Let’s be clear here: had a doctor decided to give one individual
the two doses 30 (rather than 28 ) days apart, that doctor would have been
severely sanctioned. S/he would have
been suspended and may have been unable to ever practice again. But, through a decision supported by… err… theoretical
assumptions, most of us will be subjected to what amounts to a mass ‘medical’ experiment
– to a vaccine regimen never tried before.
And it’s not just the government and the few not-very-successful
scientists turned ‘advisers’. The
opposition, while valiantly nitpicking at details, completely ignores the big
picture. According to the BBC, Leader of the
Labour Party Keir Starmer
“says the government needs to ensure vaccination centres and GP surgeries have better information about how much vaccine they will be given for the rollout of the Oxford-AstraZeneca jabs to go smoothly.”

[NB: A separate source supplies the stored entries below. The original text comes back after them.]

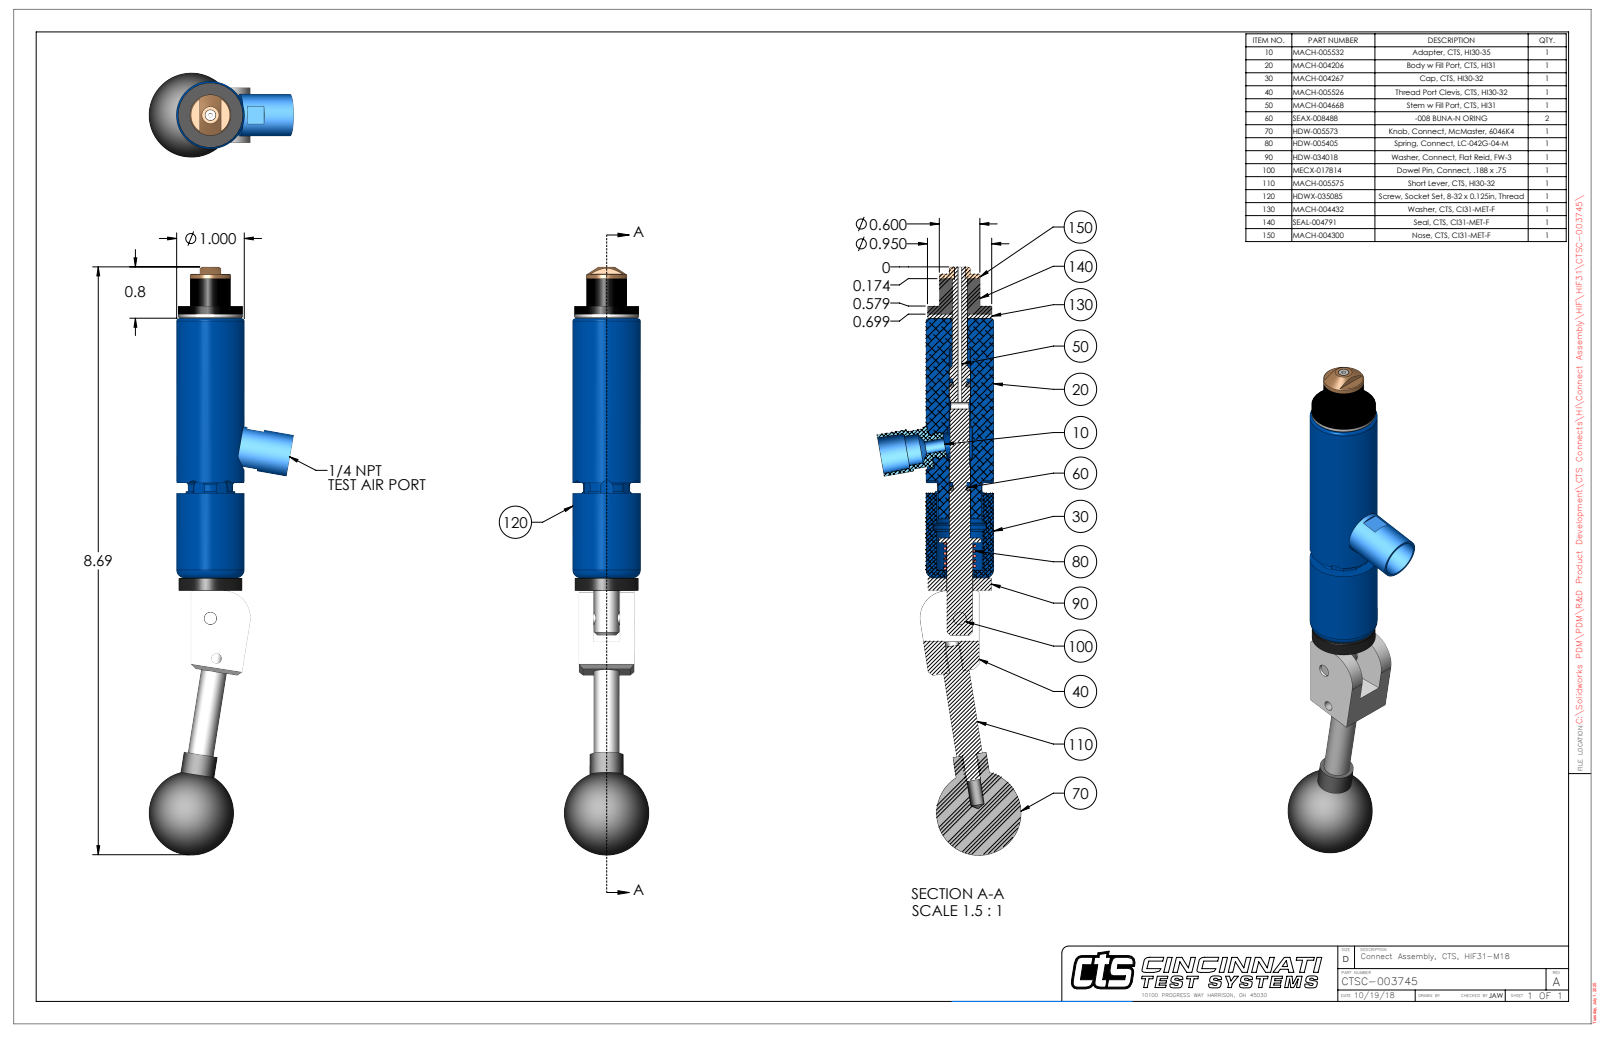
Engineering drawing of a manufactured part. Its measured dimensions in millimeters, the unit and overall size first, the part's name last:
Units: millimetres
Overall size (bounding box): 220.8 × 54.1 × 31.8
Round holes (diameter × count): ⌀5.1 ×2, ⌀1.6 ×1, ⌀2.8 ×1, ⌀3.5 ×1, ⌀3.8 ×1, ⌀4 ×1, ⌀4.7 ×1, ⌀4.8 ×1, ⌀5.5 ×1, ⌀5.8 ×1, ⌀5.8 ×1, ⌀9.8 ×1
Round bosses / shafts (diameter × count): ⌀25.4 ×1, ⌀24.1 ×1, ⌀23.8 ×1, ⌀15.7 ×1, ⌀15.2 ×1, ⌀12.7 ×1, ⌀9.7 ×1, ⌀9.5 ×1
Partial cylindrical surfaces — rounded edges, fillets, slot ends (radius × count): R2.4 ×6, R0.7 ×2, R1.7 ×1, R8.3 ×1, R9.5 ×1, R10.2 ×1, R11.5 ×1
Main face-to-face distances: 1.5, 5.3, 15.3, 99, 97.4, 20.6, 103.7, 102.2, 4.7, 9.9
Hole centre spacings: 15.2, 42.1, 57.2
Volume: 85 560 mm³ · Surface area: 26 570 mm²
Bodies: 9 solids, 302 faces (115 planar, 122 cylindrical, 65 other)
Part name (STEP PRODUCT): CTSC-003745
STEP written by: SolidWorks 2023 (AUTOMOTIVE_DESIGN)

As for the devolved administrations, they are more concerned
with petty, childish manifestations of ‘autonomy’ from Westminster (the Welsh
lockdown was called a ‘firebreak’,
which obviously is something utterly different from the English ‘circuit
breaker’!) than with ensuring the welfare of their nations.
In consequence, the most fateful decisions have never been properly
scrutinised (let alone challenged) in Parliament. As for the legal system… none of those
passionate activists who were so keen to attack Brexit-related decisions ever
bothered to take this one to court; proving once and for all that ideology
matters to them more than the lives of their countrymen.
And then there’s the stupid, sheep-like media. They will ask the Prime Ministers ‘harsh’
questions like ‘why did you announce the school closures only on Wednesday,
when you knew about the problem on Tuesday?’
They’ll swoop like blood-thirsty vultures on some political adviser that
broke lockdown rules. But they seem
idiotically oblivious to the things that really matter.
Yes, I blame the government. But no, it’s not just the executive. What we are experiencing is a complete failure
of the British political system – lock, stock and gossipy tabloids.
But… let us face it: We The People are also to blame. No, I’m not calling anyone to ‘take the
Westminster’; but we should be protesting – peacefully but determinedly –
and demanding a reckoning. If we don’t
do that, then we deserve what we’ll be getting: a shoddy vaccination programme –
delivered slowly, ineptly and expensively by a subpar ‘leadership’.